Material to process Block Start

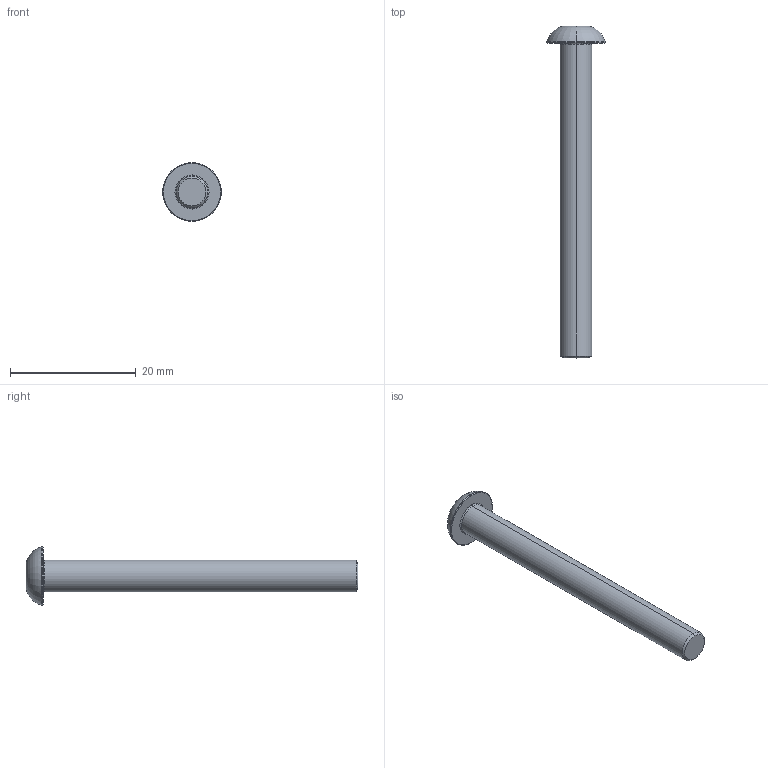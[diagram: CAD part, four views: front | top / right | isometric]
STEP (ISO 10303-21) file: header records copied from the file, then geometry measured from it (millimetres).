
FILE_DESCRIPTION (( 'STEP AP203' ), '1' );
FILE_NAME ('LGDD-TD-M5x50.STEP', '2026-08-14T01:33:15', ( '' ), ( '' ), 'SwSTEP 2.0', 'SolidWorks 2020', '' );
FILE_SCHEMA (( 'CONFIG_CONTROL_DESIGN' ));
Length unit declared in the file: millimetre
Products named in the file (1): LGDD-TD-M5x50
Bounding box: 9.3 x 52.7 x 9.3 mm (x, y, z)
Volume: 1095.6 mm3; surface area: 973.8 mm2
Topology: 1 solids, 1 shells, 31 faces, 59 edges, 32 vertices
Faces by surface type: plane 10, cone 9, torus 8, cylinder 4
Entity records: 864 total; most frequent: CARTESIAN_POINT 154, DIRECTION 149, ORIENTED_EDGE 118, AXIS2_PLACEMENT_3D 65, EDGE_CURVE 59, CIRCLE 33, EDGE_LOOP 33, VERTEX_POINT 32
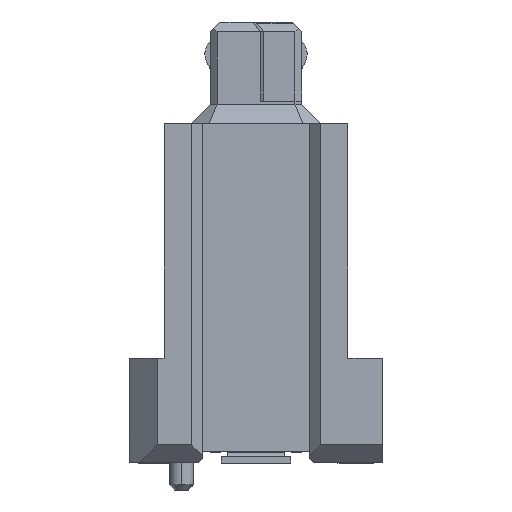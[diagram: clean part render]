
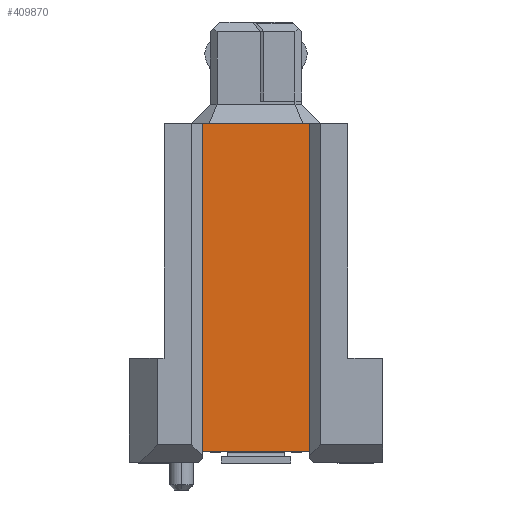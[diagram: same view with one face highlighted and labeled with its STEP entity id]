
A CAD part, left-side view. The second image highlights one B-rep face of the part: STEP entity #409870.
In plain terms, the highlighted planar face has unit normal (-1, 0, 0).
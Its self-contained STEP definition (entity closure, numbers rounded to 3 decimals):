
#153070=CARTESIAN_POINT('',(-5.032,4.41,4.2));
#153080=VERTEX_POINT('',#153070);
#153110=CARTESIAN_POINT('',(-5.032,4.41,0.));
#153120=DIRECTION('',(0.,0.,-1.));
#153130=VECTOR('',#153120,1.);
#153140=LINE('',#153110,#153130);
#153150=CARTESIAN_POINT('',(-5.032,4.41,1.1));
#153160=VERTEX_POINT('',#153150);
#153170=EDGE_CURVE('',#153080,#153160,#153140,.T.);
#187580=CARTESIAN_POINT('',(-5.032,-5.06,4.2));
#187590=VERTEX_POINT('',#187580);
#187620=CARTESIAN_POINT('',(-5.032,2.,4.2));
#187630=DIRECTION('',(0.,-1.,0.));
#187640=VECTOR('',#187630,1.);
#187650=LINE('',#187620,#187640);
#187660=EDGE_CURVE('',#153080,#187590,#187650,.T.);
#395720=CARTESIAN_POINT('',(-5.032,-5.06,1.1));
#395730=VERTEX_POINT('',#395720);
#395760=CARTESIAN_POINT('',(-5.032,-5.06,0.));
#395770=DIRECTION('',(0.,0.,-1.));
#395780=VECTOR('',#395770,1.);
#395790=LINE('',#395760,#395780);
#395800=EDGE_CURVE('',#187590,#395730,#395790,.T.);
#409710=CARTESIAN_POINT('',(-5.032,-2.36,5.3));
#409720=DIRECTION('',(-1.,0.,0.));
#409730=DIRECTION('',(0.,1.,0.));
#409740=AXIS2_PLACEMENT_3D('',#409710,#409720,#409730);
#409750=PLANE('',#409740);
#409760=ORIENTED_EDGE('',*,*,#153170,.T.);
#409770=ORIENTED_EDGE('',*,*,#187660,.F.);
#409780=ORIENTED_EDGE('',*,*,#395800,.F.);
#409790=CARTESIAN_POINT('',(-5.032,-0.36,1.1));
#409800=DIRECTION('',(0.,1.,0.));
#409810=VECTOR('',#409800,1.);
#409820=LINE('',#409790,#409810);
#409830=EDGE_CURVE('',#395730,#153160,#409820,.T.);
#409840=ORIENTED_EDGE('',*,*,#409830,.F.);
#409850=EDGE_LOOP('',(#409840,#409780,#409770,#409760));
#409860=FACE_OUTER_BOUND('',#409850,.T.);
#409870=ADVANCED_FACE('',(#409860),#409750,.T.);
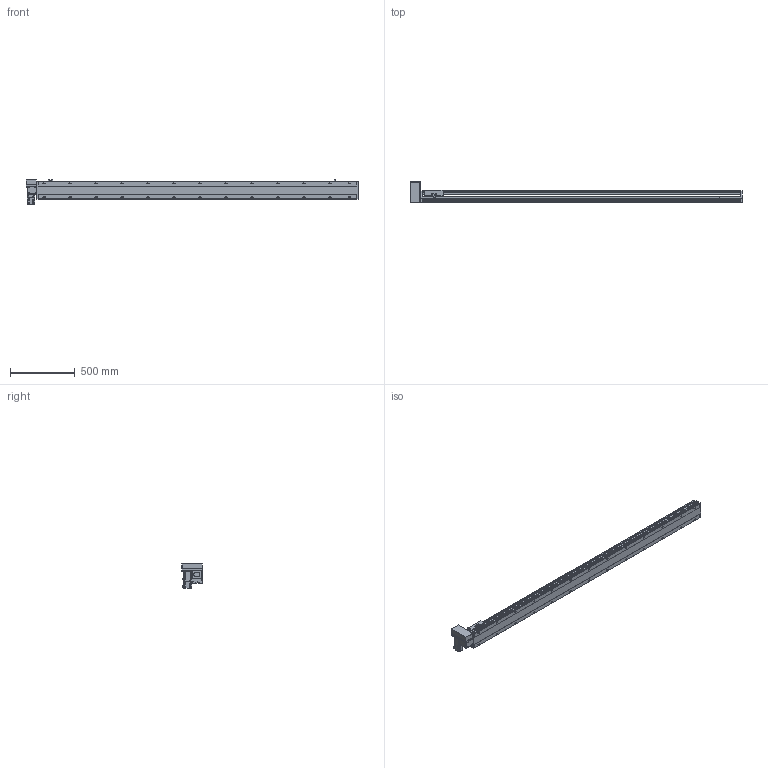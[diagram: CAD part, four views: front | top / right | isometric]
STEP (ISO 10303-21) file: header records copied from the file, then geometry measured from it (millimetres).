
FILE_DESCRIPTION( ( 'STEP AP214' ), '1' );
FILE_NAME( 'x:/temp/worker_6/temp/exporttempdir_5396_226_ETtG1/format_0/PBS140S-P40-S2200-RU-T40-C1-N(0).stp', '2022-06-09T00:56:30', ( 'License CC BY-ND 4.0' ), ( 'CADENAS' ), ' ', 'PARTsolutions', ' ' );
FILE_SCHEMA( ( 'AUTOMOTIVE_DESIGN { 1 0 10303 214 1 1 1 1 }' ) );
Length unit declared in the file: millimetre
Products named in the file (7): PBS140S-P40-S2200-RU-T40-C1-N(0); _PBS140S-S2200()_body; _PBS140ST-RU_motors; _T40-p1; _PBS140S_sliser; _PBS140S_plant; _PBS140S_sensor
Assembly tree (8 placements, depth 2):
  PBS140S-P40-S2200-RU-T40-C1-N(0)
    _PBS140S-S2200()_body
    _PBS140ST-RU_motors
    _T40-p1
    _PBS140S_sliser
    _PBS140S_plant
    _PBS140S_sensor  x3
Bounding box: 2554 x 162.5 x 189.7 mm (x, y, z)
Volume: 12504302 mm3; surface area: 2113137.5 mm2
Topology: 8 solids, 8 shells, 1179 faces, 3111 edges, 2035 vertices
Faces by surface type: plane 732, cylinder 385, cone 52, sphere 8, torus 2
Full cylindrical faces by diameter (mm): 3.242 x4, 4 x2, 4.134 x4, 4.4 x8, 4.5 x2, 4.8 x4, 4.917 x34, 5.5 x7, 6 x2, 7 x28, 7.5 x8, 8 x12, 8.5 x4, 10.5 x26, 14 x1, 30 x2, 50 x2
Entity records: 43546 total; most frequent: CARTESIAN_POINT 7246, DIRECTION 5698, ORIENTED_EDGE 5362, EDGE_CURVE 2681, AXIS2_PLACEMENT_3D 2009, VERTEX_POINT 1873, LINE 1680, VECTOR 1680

Material to process Block End

Work task: Among the lines above, find the one with "FILE_SCHEMA (( 'CONFIG_CONTROL_DESIGN' ));" and the one with "Volume: 1095.6 mm3; surface area: 973.8 mm2". Quote both and everything between them, exactly.

Written solution:
FILE_SCHEMA (( 'CONFIG_CONTROL_DESIGN' ));
Length unit declared in the file: millimetre
Products named in the file (1): LGDD-TD-M5x50
Bounding box: 9.3 x 52.7 x 9.3 mm (x, y, z)
Volume: 1095.6 mm3; surface area: 973.8 mm2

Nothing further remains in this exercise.